In his introduction to a collection of essays published in 1982 (Reactions to the English Civil War), John Morrill wrote that the question of why Charles I was executed in 1649 `has become easily the most difficult of the range of questions about Tudor and Stuart history with which the undergraduates I teach have to wrestle'. Since then this question has become, if anything, even more difficult to answer, largely because much recent historical writing has successfully demolished key assumptions on which long-accepted explanations for Charles's execution were based. As the first part of this article will show, recent research suggests that much that happened in Britain before 1649 makes the fact that Charles I was executed astonishing. The execution of the king was certainly not the inevitable climax of long-term developments in the previous century. Nor was it brought about by a wave of popular revolutionary opposition to the Stuarts or the institution of monarchy. On the contrary, Charles I was probably more popular at the moment of his execution than at any other time in the 1640s (and maybe even before that). The main part of this article, therefore, suggests that the search for the solution to the puzzle of why Charles was executed must begin by unravelling the motives that in the late-1640s drove a minority of men to take the high-risk and incredibly radical step of putting Charles Stuart on trial on a charge of having `a wicked design totally to subvert the ancient and fundamental laws and liberties of this realm and, in their place, to introduce an arbitrary and tyrannical government', of finding him guilty, and then of cutting off his head (if necessary, as one of them, Oliver Cromwell, said) with the crown on it.

Exploded theories

Twenty years or so ago this question was relatively easy to answer. Few historians questioned the fact that Charles I's execution was the inevitable climax of longterm developments that had begun in the previous century, and of the escalating radicalism of events in Britain during and after the Civil War. In the light of recent writings by historians (often labelled `revisionism') such views are now suspect. Whatever the validity of recent criticisms made of revisionism, there is no reason to think that they have undermined the contention made in the 1970s and 1980s by G.R. Elton, C. Russell and others that parliaments in the later sixteenth and early seventeenth centuries were not full of MPs anxious to `win the initiative' from the crown in the making of policy. Early Stuart politics were not primarily characterised by conflicts between the crown and parliaments. MPs were fearful of what the crown might do, but these fears did not lead them into a campaign of parliamentary aggression designed to erode the constitutional powers of the crown.

Nor were those powers inevitably threatened during the same period by the development of revolutionary Puritanism. Work by P. Collinson, N. Tyacke and others published since the later 1970s has shown that whatever Puritans were (and they did exist), they were not a revolutionary group intent on destroying the basic structure of the post-Reformation English Church. On the contrary, they were `a militant tendency' within the Church who wanted to reform but not overthrow it. Of equal importance, they were not hostile to the basic structure of a monarch-centred State.
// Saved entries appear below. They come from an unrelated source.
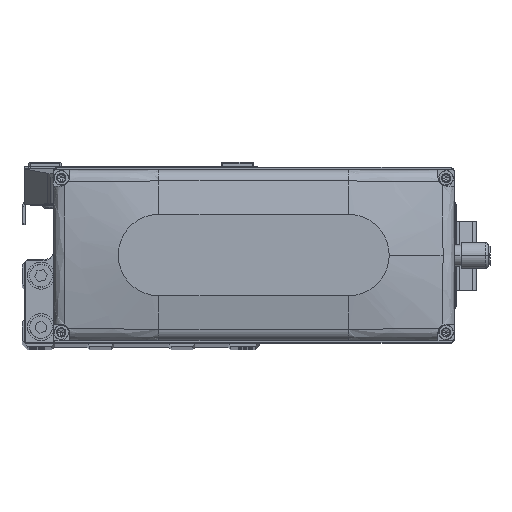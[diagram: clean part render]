
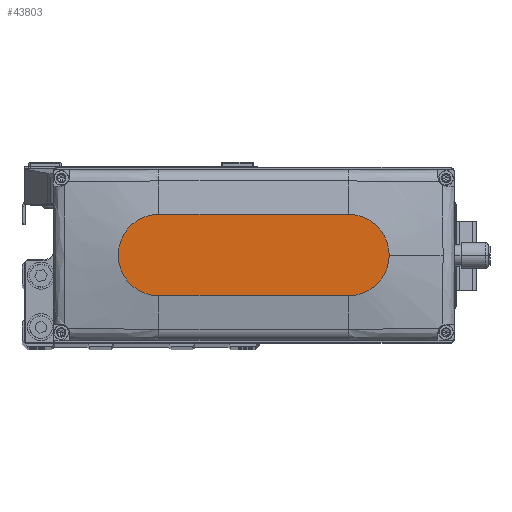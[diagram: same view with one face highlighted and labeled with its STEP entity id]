
A CAD part, top view. The second image highlights one B-rep face of the part: STEP entity #43803.
In plain terms, the highlighted planar face has unit normal (0, 0, 1).
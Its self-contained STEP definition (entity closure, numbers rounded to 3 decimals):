
#2601 = DIRECTION ( 'NONE',  ( 1., 0., 0. ) ) ;
#3413 = ORIENTED_EDGE ( 'NONE', *, *, #23118, .T. ) ;
#3635 = DIRECTION ( 'NONE',  ( 1., 0., 0. ) ) ;
#4305 = VECTOR ( 'NONE', #21674, 1000. ) ;
#6442 = CARTESIAN_POINT ( 'NONE',  ( -35., 15., 35. ) ) ;
#11136 = CARTESIAN_POINT ( 'NONE',  ( -35., 15., 35. ) ) ;
#11430 = DIRECTION ( 'NONE',  ( 1., 0., 0. ) ) ;
#13718 = DIRECTION ( 'NONE',  ( 0., 0., 1. ) ) ;
#13971 = VERTEX_POINT ( 'NONE', #25201 ) ;
#13986 = CIRCLE ( 'NONE', #41821, 15. ) ;
#14809 = DIRECTION ( 'NONE',  ( 1., 0., 0. ) ) ;
#15530 = VERTEX_POINT ( 'NONE', #30415 ) ;
#16488 = ORIENTED_EDGE ( 'NONE', *, *, #31574, .T. ) ;
#17457 = FACE_OUTER_BOUND ( 'NONE', #35869, .T. ) ;
#18915 = VERTEX_POINT ( 'NONE', #11136 ) ;
#20514 = CIRCLE ( 'NONE', #48328, 15. ) ;
#20781 = AXIS2_PLACEMENT_3D ( 'NONE', #22624, #37820, #3635 ) ;
#21597 = CARTESIAN_POINT ( 'NONE',  ( 35., 0., 35. ) ) ;
#21674 = DIRECTION ( 'NONE',  ( -1., 0., 0. ) ) ;
#22291 = CARTESIAN_POINT ( 'NONE',  ( 50., 0., 35. ) ) ;
#22624 = CARTESIAN_POINT ( 'NONE',  ( 35., 0., 35. ) ) ;
#22933 = AXIS2_PLACEMENT_3D ( 'NONE', #47830, #13718, #28907 ) ;
#23118 = EDGE_CURVE ( 'NONE', #34950, #45035, #13986, .T. ) ;
#23524 = ORIENTED_EDGE ( 'NONE', *, *, #26597, .T. ) ;
#25201 = CARTESIAN_POINT ( 'NONE',  ( 35., -15., 35. ) ) ;
#26597 = EDGE_CURVE ( 'NONE', #15530, #13971, #30379, .T. ) ;
#27137 = ORIENTED_EDGE ( 'NONE', *, *, #43380, .T. ) ;
#28905 = EDGE_CURVE ( 'NONE', #45035, #18915, #40603, .T. ) ;
#28907 = DIRECTION ( 'NONE',  ( 1., 0., 0. ) ) ;
#30379 = LINE ( 'NONE', #45563, #39171 ) ;
#30415 = CARTESIAN_POINT ( 'NONE',  ( -35., -15., 35. ) ) ;
#31574 = EDGE_CURVE ( 'NONE', #13971, #34950, #42236, .T. ) ;
#32673 = PLANE ( 'NONE',  #22933 ) ;
#33743 = CARTESIAN_POINT ( 'NONE',  ( -35., 0., 35. ) ) ;
#34950 = VERTEX_POINT ( 'NONE', #22291 ) ;
#35869 = EDGE_LOOP ( 'NONE', ( #49081, #27137, #23524, #16488, #3413 ) ) ;
#36785 = DIRECTION ( 'NONE',  ( 0., 0., 1. ) ) ;
#37820 = DIRECTION ( 'NONE',  ( 0., 0., 1. ) ) ;
#39171 = VECTOR ( 'NONE', #11430, 1000. ) ;
#40603 = LINE ( 'NONE', #6442, #4305 ) ;
#40844 = CARTESIAN_POINT ( 'NONE',  ( 35., 15., 35. ) ) ;
#41821 = AXIS2_PLACEMENT_3D ( 'NONE', #21597, #36785, #2601 ) ;
#42236 = CIRCLE ( 'NONE', #20781, 15. ) ;
#43380 = EDGE_CURVE ( 'NONE', #18915, #15530, #20514, .T. ) ;
#43803 = ADVANCED_FACE ( 'NONE', ( #17457 ), #32673, .T. ) ;
#45035 = VERTEX_POINT ( 'NONE', #40844 ) ;
#45563 = CARTESIAN_POINT ( 'NONE',  ( -35., -15., 35. ) ) ;
#47830 = CARTESIAN_POINT ( 'NONE',  ( 0., 0., 35. ) ) ;
#48328 = AXIS2_PLACEMENT_3D ( 'NONE', #33743, #48907, #14809 ) ;
#48907 = DIRECTION ( 'NONE',  ( 0., 0., 1. ) ) ;
#49081 = ORIENTED_EDGE ( 'NONE', *, *, #28905, .T. ) ;

Even before the appearance of these revisionist views, it had already become difficult to accept that Charles I was executed as the inevitable climax of another long-running development: `the rise of the gentry'. While accepting that the gentry landed elite as a whole grew and prospered during the century before 1640, it became impossible to relate that to the political crisis of the mid-seventeenth century, since in that crisis the English landed elite split down the middle.